Sinds eind november kunnen de Oekraïense bewoners van de Beerendonck gratis kleding en andere belangrijke spullen vinden in de winkel die speciaal voor deze groep is geopend. Een concept dat nog meer waarde heeft dankzij het sociale aspect dat er aan verbonden is. Niet alleen treffen de bewoners elkaar in de speciaal ingerichte koffiehoek, maar het geeft deze groep tevens hun gevoel van eigenwaarde terug.
Tekst en beeld: Rob Buchholz
De 62-jarige Ruslana Feshchuck verblijft samen met haar man sinds september in de Beerendonck. Toen ze noodgedwongen uit hun thuisland moesten vluchten, konden ze niet meer meenemen dan een handvol kledingstukken en een beetje beddengoed. Al hun andere bezittingen zijn ze kwijt. Groot is hun dankbaarheid voor alle hulp die ze in Venlo krijgen.
Thuisgevoel
Ondanks alle ellende en zorgen vertelt ze haar schrijnende verhaal vol kracht, trots en met een gulle lach op haar gezicht. “In de eerste week kregen we direct een tas vol boodschappen en sindsdien heeft iedereen ons hier fantastisch geholpen. De vrijwilligers zetten zich met hart en ziel in. En als ik zie hoe de mensen in Venlo meeleven dan voel ik mij oprecht gelukkig. De inwoners groeten ons en steken duimen omhoog. Dat voelt goed. Pas geleden maakte ik samen met mijn man een wandeling hier in de buurt en na een tijdje zei ik tegen hem: ‘kom, we gaan naar huis.’ Ja, naar huis. We moesten allebei lachen. Maar het is waar. Dit gebouw voelt als een nieuw thuis. En dat na amper drie maanden. En Venlo voelt als de hemel op aarde.”

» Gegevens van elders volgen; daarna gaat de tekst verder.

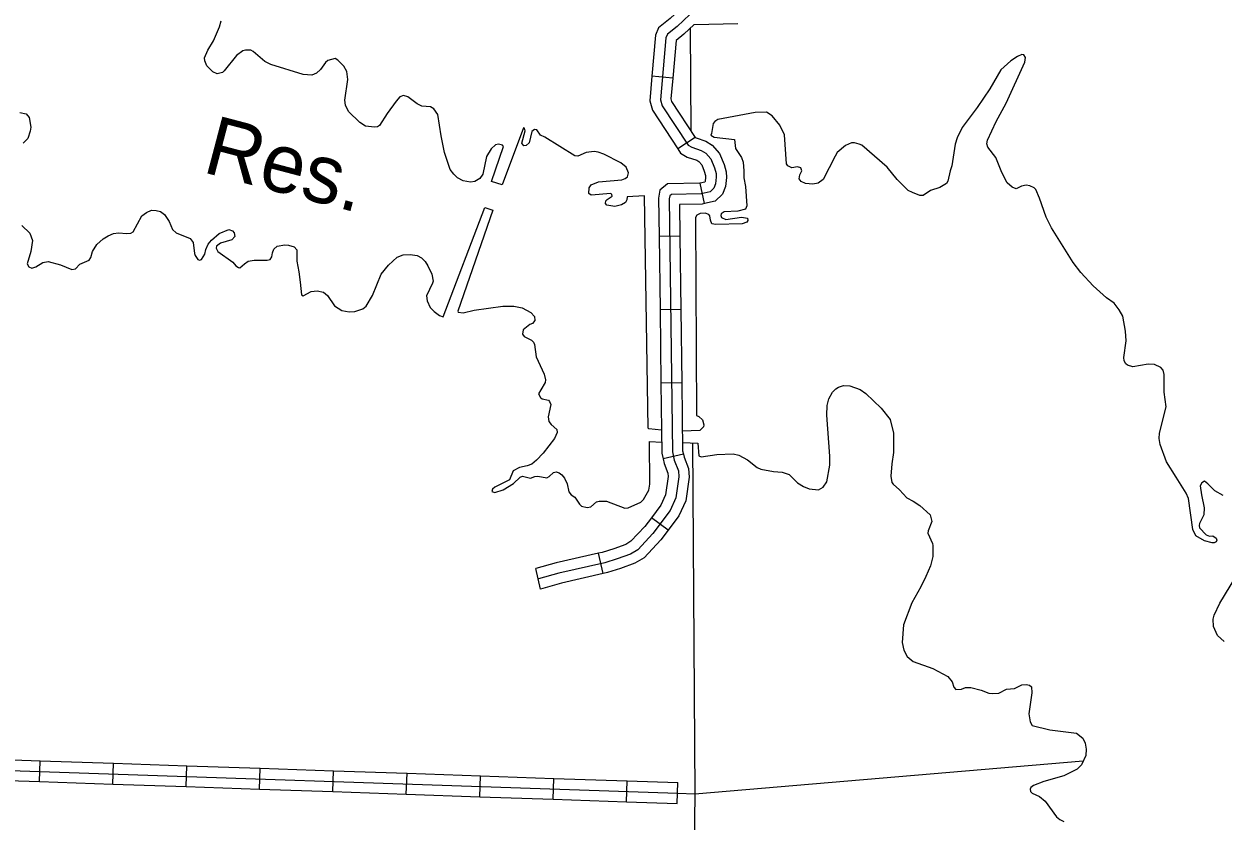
# Model space of a CAD drawing. Extents: x 982240 to 1103002, y 974866 to 1054902.
# Drawn here: x 1028568 to 1037189, y 996650 to 1002381 of the extents above; entities that cross this region are included whole.
import ezdxf

# ---------------------------------------------------------------- set-up
doc = ezdxf.new("R2010")
doc.units = 0
for name, color, linetype in [('32', 7, 'Continuous'), ('35', 7, 'Continuous'), ('5', 7, 'Continuous'), ('9', 7, 'Continuous')]:
    doc.layers.add(name, color=color, linetype=linetype)

msp = doc.modelspace()

# ---------------------------------------------------------------- linework, layer by layer
at = {"layer": '32'}
for p, q in [((1033386.2, 1002376.3), (1033701.6, 1002385.2)), ((1033232.5, 1001991.3), (1033083.1, 1002004.4)), ((1033394.5, 1001564.9), (1033269.1, 1001482.7)), ((1033461.2, 1001089.6), (1033428.7, 1001236.1)), ((1033284.5, 1000855.5), (1033134.5, 1000853.7)), ((1033291.1, 1000327.6), (1033141.1, 1000325.7)), ((1033297.8, 999799.6), (1033147.8, 999797.7)), ((1033309.5, 999287.4), (1033163, 999255.1)), ((1033199.6, 998740.7), (1033079.6, 998830.6)), ((1032733.2, 998429.2), (1032699.5, 998575.3)), ((1032280.9, 998317.9), (1032247.2, 998464.3)), ((1028678.5, 996933.1), (1028683.6, 997083)), ((1029206.1, 996915), (1029211.3, 997065)), ((1029733.8, 996897), (1029739, 997046.9)), ((1030261.5, 996878.9), (1030266.7, 997028.8)), ((1030789.2, 996860.9), (1030794.3, 997010.8)), ((1031316.9, 996842.8), (1031322, 996992.7)), ((1031844.6, 996824.8), (1031849.7, 996974.7)), ((1032372.3, 996806.7), (1032377.4, 996956.6)), ((1032900, 996788.7), (1032905.1, 996938.6)), ((1033264.3, 996776.2), (1033269.4, 996926.1))]:
    msp.add_line(p, q, dxfattribs=at)
for points in [[(1033282.6, 1002484.7), (1033214.1, 1002420.4), (1033130.8, 1002354), (1033108.9, 1002299.9), (1033083.1, 1002004.4)], [(1033356.3, 1002449), (1033264.1, 1002362.6), (1033194.1, 1002306.8), (1033184, 1002281.9), (1033145, 1001835), (1033157, 1001793.1), (1033342.8, 1001509.5), (1033369.3, 1001494), (1033437.9, 1001470.6), (1033469.4, 1001451.2), (1033506.4, 1001410), (1033531.9, 1001347.3), (1033543.9, 1001304.5), (1033546, 1001278.3), (1033540.5, 1001230.6), (1033528.3, 1001199.7), (1033501.6, 1001174), (1033436.1, 1001159.5), (1033223.8, 1001154.5), (1033211, 1001144.2), (1033207.5, 1001123), (1033230.4, 999304.3), (1033243.8, 999243.4), (1033273.6, 999167.8), (1033277.2, 999125.1), (1033255, 998973.7), (1033213.1, 998881.4), (1033090.6, 998718), (1032980.8, 998600.7), (1032928.7, 998569.7), (1032832.4, 998534.3), (1032743.8, 998507.2), (1032414, 998431.2), (1032267.7, 998390.7)], [(1033386.2, 1002376.3), (1033312.3, 1002306.9), (1033256.1, 1002262.1), (1033232.5, 1001991.3)], [(1033083.1, 1002004.4), (1033067.7, 1001827.6), (1033086.7, 1001761), (1033269.1, 1001482.7)], [(1033232.5, 1001991.3), (1033219.5, 1001842.2), (1033224.7, 1001824.1), (1033394.5, 1001564.9)], [(1033394.5, 1001564.9), (1033394.9, 1001564.3), (1033400, 1001561.3), (1033469.5, 1001537.6), (1033517.1, 1001508.4), (1033569.8, 1001449.6), (1033601.7, 1001371.2), (1033616.8, 1001317.4), (1033619.9, 1001277), (1033612.6, 1001212.5), (1033590.9, 1001157.8), (1033537.8, 1001106.6), (1033461.2, 1001089.6)], [(1033269.1, 1001482.7), (1033288.8, 1001452.6), (1033337.3, 1001424.2), (1033405.2, 1001401), (1033420, 1001392), (1033440.7, 1001368.9), (1033459.5, 1001322.6), (1033468.4, 1001291.1), (1033469.2, 1001279.7), (1033465.8, 1001249.3), (1033463.6, 1001243.8), (1033428.7, 1001236.1)], [(1033428.7, 1001236.1), (1033426.8, 1001235.6), (1033196, 1001230.2), (1033140.4, 1001185.3), (1033131, 1001128.8), (1033134.5, 1000853.7)], [(1033461.2, 1001089.6), (1033445, 1001086), (1033281.6, 1001082.2), (1033284.5, 1000855.5)], [(1033134.5, 1000853.7), (1033141.1, 1000325.7)], [(1033284.5, 1000855.5), (1033291.1, 1000327.6)], [(1033141.1, 1000325.7), (1033147.8, 999797.7)], [(1033291.1, 1000327.6), (1033297.8, 999799.6)], [(1033147.8, 999797.7), (1033154.1, 999295.5), (1033163, 999255.1)], [(1033297.8, 999799.6), (1033303.9, 999312.7), (1033309.5, 999287.4)], [(1033163, 999255.1), (1033170.5, 999221), (1033198.4, 999150.2), (1033200.4, 999127.4), (1033181, 998995.5), (1033147, 998920.6), (1033079.6, 998830.6)], [(1033309.5, 999287.4), (1033314.4, 999264.9), (1033346, 999184.8), (1033351.3, 999122.9), (1033326.4, 998952.7), (1033276.8, 998843.6), (1033199.6, 998740.7)], [(1033079.6, 998830.6), (1033032, 998767.1), (1032932.5, 998660.8), (1032895.8, 998638.9), (1032808, 998606.7), (1032724.1, 998581), (1032699.5, 998575.3)], [(1033199.6, 998740.7), (1033147.1, 998670.6), (1033027.4, 998542.8), (1032960.5, 998502.9), (1032855.9, 998464.5), (1032762.9, 998436), (1032733.2, 998429.2)], [(1032699.5, 998575.3), (1032395.2, 998505.3), (1032247.3, 998464.3)], [(1032733.2, 998429.2), (1032432.1, 998359.8), (1032280.9, 998317.9)], [(1028155.9, 997101.1), (1028683.6, 997083)], [(1028683.6, 997083), (1029211.3, 997065)], [(1029211.3, 997065), (1029739, 997046.9)], [(1027904, 997033.2), (1033266.6, 996849.8)], [(1029739, 997046.9), (1030266.7, 997028.8)], [(1030266.7, 997028.8), (1030794.3, 997010.8)], [(1030794.3, 997010.8), (1031322, 996992.7)], [(1031322, 996992.7), (1031849.7, 996974.7)], [(1031849.7, 996974.7), (1032377.4, 996956.6)], [(1028150.8, 996951.1), (1028678.5, 996933.1)], [(1028678.5, 996933.1), (1029206.1, 996915)], [(1029206.1, 996915), (1029733.8, 996897)], [(1029733.8, 996897), (1030261.5, 996878.9)], [(1030261.5, 996878.9), (1030789.2, 996860.9)], [(1032377.4, 996956.6), (1032905.1, 996938.6)], [(1032905.1, 996938.6), (1033269.2, 996926.1)], [(1030789.2, 996860.9), (1031316.9, 996842.8)], [(1031316.9, 996842.8), (1031844.6, 996824.8)], [(1031844.6, 996824.8), (1032372.3, 996806.7)], [(1032372.3, 996806.7), (1032900, 996788.7)], [(1032900, 996788.7), (1033264.1, 996776.2)]]:
    msp.add_lwpolyline(points, dxfattribs=at)
at = {"layer": '5'}
for points in [[(1033356.9, 1002348.4), (1033361.6, 1001611.5)], [(1033375.8, 999368.8), (1033391.9, 996845.5), (1033327.4, 991675.5)], [(1033268.2, 996849.7), (1033391.9, 996845.5), (1036184.7, 997082.4)]]:
    msp.add_lwpolyline(points, dxfattribs=at)
at = {"layer": '9'}
for points in [[(1031178.6, 1001737.8), (1031123.5, 1001651.2), (1031108.7, 1001641.9), (1031087.8, 1001638.4), (1031024.5, 1001646.9), (1030983.8, 1001672.1), (1030901.8, 1001750.4), (1030879.8, 1001796.1), (1030873.9, 1001834), (1030896.5, 1001981.1), (1030888.2, 1002040.1), (1030868.3, 1002077.8), (1030825.2, 1002120.9), (1030805.9, 1002132.5), (1030753.1, 1002118.2), (1030736.4, 1002102.8), (1030700.5, 1002053.8), (1030672.1, 1002026), (1030637.3, 1002013.2), (1030576.1, 1002016.7), (1030343, 1002089.6), (1030300.4, 1002111.6), (1030216.6, 1002183.9), (1030198.4, 1002192.5), (1030161.3, 1002192.7), (1030140.4, 1002188.2), (1030096.1, 1002154), (1030008.5, 1002043.6), (1029994.7, 1002032.2), (1029957.9, 1002022.3), (1029925.5, 1002036.6), (1029882.4, 1002078.8), (1029868.6, 1002115.6), (1029866, 1002137.6), (1029888.9, 1002191.3), (1029930.3, 1002260.5), (1029973.1, 1002359.9), (1029986.2, 1002402.3)], [(1036924, 999006.3), (1036852.2, 999122.1), (1036782.5, 999231.8), (1036736.6, 999357.2), (1036730.6, 999400.2), (1036732.7, 999438.4), (1036779.4, 999627.1), (1036767, 999733.2), (1036765.1, 999859.6), (1036759.3, 999890.5), (1036741.8, 999911.2), (1036697.3, 999931.2), (1036650.1, 999934.2), (1036541.3, 999916.6), (1036502, 999926.7), (1036489.8, 999936.4), (1036479.3, 999958.3), (1036475.7, 999982.3), (1036493, 1000102.1), (1036488.4, 1000172.2), (1036468.8, 1000280.1), (1036442.8, 1000325.7), (1036405.6, 1000373), (1036352.6, 1000410.9), (1036255.4, 1000498.9), (1036167.1, 1000593.2), (1036111.3, 1000665.1), (1035955.3, 1000915.3), (1035917.4, 1000992.7), (1035869.2, 1001129.1), (1035842.8, 1001189.7), (1035831.4, 1001203.4), (1035800.1, 1001216.8), (1035772.9, 1001222.1), (1035741, 1001214.4), (1035701.4, 1001196.4), (1035672, 1001207.7), (1035638.3, 1001239.1), (1035599.5, 1001312.4), (1035554.9, 1001420.8), (1035497.1, 1001495.7), (1035490.6, 1001518.6), (1035495, 1001544.8), (1035559, 1001678.7), (1035631.1, 1001811.9), (1035763.5, 1002107), (1035768.8, 1002140.2), (1035756.3, 1002158), (1035743.2, 1002160.7), (1035711.5, 1002147.9), (1035664.1, 1002115.7), (1035590.5, 1002051.8), (1035511.5, 1001913.4), (1035421.4, 1001780.9), (1035314.5, 1001635.9), (1035277.2, 1001562.8), (1035262.2, 1001516.3), (1035238.7, 1001361.2), (1035228.5, 1001324.8)], [(1032313.9, 1001567.6), (1032282.2, 1001582), (1032256.4, 1001618.5), (1032238.2, 1001622.1), (1032220.5, 1001607.7), (1032199.4, 1001525.9), (1032179.8, 1001507.4), (1032160.8, 1001504.9), (1032148.3, 1001524.7), (1032172.3, 1001612.6), (1032166.9, 1001631.5), (1032159.8, 1001634.3), (1032005, 1001223.3), (1031928.3, 1001248.6), (1032015.7, 1001499.5), (1032008.4, 1001508.4), (1031979.2, 1001515.7), (1031959.3, 1001511.2), (1031927.9, 1001483.4), (1031894.1, 1001428.4), (1031867, 1001300.4), (1031844.6, 1001269.7), (1031809, 1001248.8), (1031779.1, 1001243.1), (1031726.8, 1001253.9), (1031686.2, 1001274.1), (1031658.6, 1001300.5), (1031632.7, 1001335), (1031591.8, 1001457.5), (1031567, 1001577.3), (1031542.5, 1001730.3), (1031515.5, 1001769.8), (1031490.1, 1001784.2), (1031427.9, 1001790.8), (1031395.4, 1001807.1), (1031327.2, 1001857.7), (1031295.9, 1001866), (1031271.1, 1001856.4), (1031243.7, 1001825.6), (1031178.6, 1001737.8)], [(1028539.3, 1001745), (1028584.6, 1001735), (1028605.3, 1001707.4), (1028616.9, 1001639.4), (1028613.5, 1001610.2), (1028595.7, 1001557.6), (1028562.4, 1001524.8)], [(1034399.6, 1001430.1), (1034314.9, 1001262), (1034278.5, 1001236.1), (1034240.6, 1001228.2), (1034186.4, 1001232.9), (1034156, 1001247.3), (1034142.5, 1001268), (1034146.9, 1001296.2), (1034161.2, 1001323.7), (1034152.7, 1001346.5), (1034128.5, 1001354), (1034089.6, 1001347.1), (1034059.2, 1001361.4), (1034050.9, 1001375.3), (1034035.1, 1001582.6), (1034002.4, 1001653.1), (1033947.7, 1001720.1), (1033907.1, 1001746.2), (1033825, 1001744.3), (1033556.6, 1001693.8), (1033534.9, 1001680.3), (1033524.2, 1001665), (1033510.9, 1001592.4), (1033506.1, 1001581.3), (1033530.5, 1001565.8), (1033676.1, 1001550.1), (1033683.7, 1001485.1), (1033728.2, 1001420.9), (1033740, 1001387.1), (1033744.5, 1001323.9), (1033744.6, 1001273.8)], [(1032866.7, 1001260.2), (1032891.5, 1001269.8), (1032907.3, 1001282.2), (1032913.6, 1001311.5), (1032896.7, 1001350.2), (1032858.9, 1001382.4), (1032736.2, 1001444.8), (1032696.8, 1001458.9), (1032667.6, 1001463.2), (1032610.7, 1001455.9), (1032551.2, 1001430.4), (1032529.1, 1001431.9), (1032313.9, 1001567.6)], [(1034592.2, 1001508.2), (1034572.9, 1001517.6), (1034540.6, 1001526.8), (1034518.6, 1001525.3), (1034473.9, 1001507.2), (1034414, 1001456.6), (1034399.6, 1001430.1)], [(1035228.5, 1001324.8), (1035210.2, 1001250.1), (1035200.6, 1001233.8), (1035152.1, 1001205.6), (1035085.5, 1001184), (1035034.3, 1001147.7), (1035008.2, 1001148.1), (1034956.7, 1001167.9), (1034926.2, 1001184.3), (1034847.3, 1001262.7), (1034775.1, 1001352.3), (1034592.2, 1001508.2)], [(1033744.6, 1001273.8), (1033756.5, 1001213.3)], [(1033152, 999460.7), (1033061.2, 999469.5), (1033055.1, 999473.4), (1033029.6, 1001144.6), (1032904.6, 1001138.7), (1032903.1, 1001116.5), (1032893.5, 1001098.3), (1032864.8, 1001079.5), (1032817, 1001068.4), (1032759.7, 1001079.1), (1032749.4, 1001089.9), (1032752, 1001108), (1032761.7, 1001119.3), (1032797.3, 1001143.2), (1032794, 1001155.1), (1032786.8, 1001161), (1032646.8, 1001149.7), (1032630.5, 1001161.3), (1032630.6, 1001203.5), (1032645.1, 1001223.9), (1032699.7, 1001245.2), (1032866.7, 1001260.2)], [(1033756.5, 1001213.3), (1033766.2, 1001074.1), (1033755.7, 1001049.7), (1033699.8, 1001034.2), (1033601.7, 1001029.9), (1033582, 1001015.4), (1033577.3, 1001004.2), (1033582.6, 1000990.3), (1033615, 1000976), (1033727.8, 1000991.7), (1033769.1, 1000983.7), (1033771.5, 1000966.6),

Jose Bol-Strijbos en Ruslana Feshchuck
Baan die energie geeft
Zeker nu Koning Winter zijn intrede heeft gedaan zoeken de ongeveer 170 tijdelijke bewoners van De Beerendonck naar nieuwe, warme kleren. En Venlonaren hebben in de afgelopen maanden massaal spullen gebracht. Zoveel dat de winkel inmiddels meer dan goed gevuld is. Zelfs in de opslagruimte staan nog veel tassen en dozen klaar om gesorteerd te worden. “Voorlopig hebben we genoeg,” aldus Ine Hermans die coördinator is van de vrijwilligers. In het verleden was zij actief in het onderwijs, maar ze stelde zich na haar pensionering de vraag: ‘wat wil ik in de toekomst nog doen?’ Toen deze baan op haar pad kwam, hoefde ze niet lang na te denken. “Ik wilde graag iets met en voor mensen doen. In deze rol komt alles samen. We zijn met een mooi team en we gaan met de bewoners mee naar het ziekenhuis, helpen bij de aanvraag van een paspoort, voeren gesprekken op gevoelsniveau en helpen ze verder op weg. Als ik ’s avonds thuis kom, ben ik oprecht blij. Deze baan geeft mij energie. Dankzij de bewoners. Deze mensen blijven onder alle omstandigheden lachen en vriendelijk. Maar ook dankzij de vele vrijwilligers. Zij staan altijd klaar om de vluchtelingen een stapje verder te helpen.”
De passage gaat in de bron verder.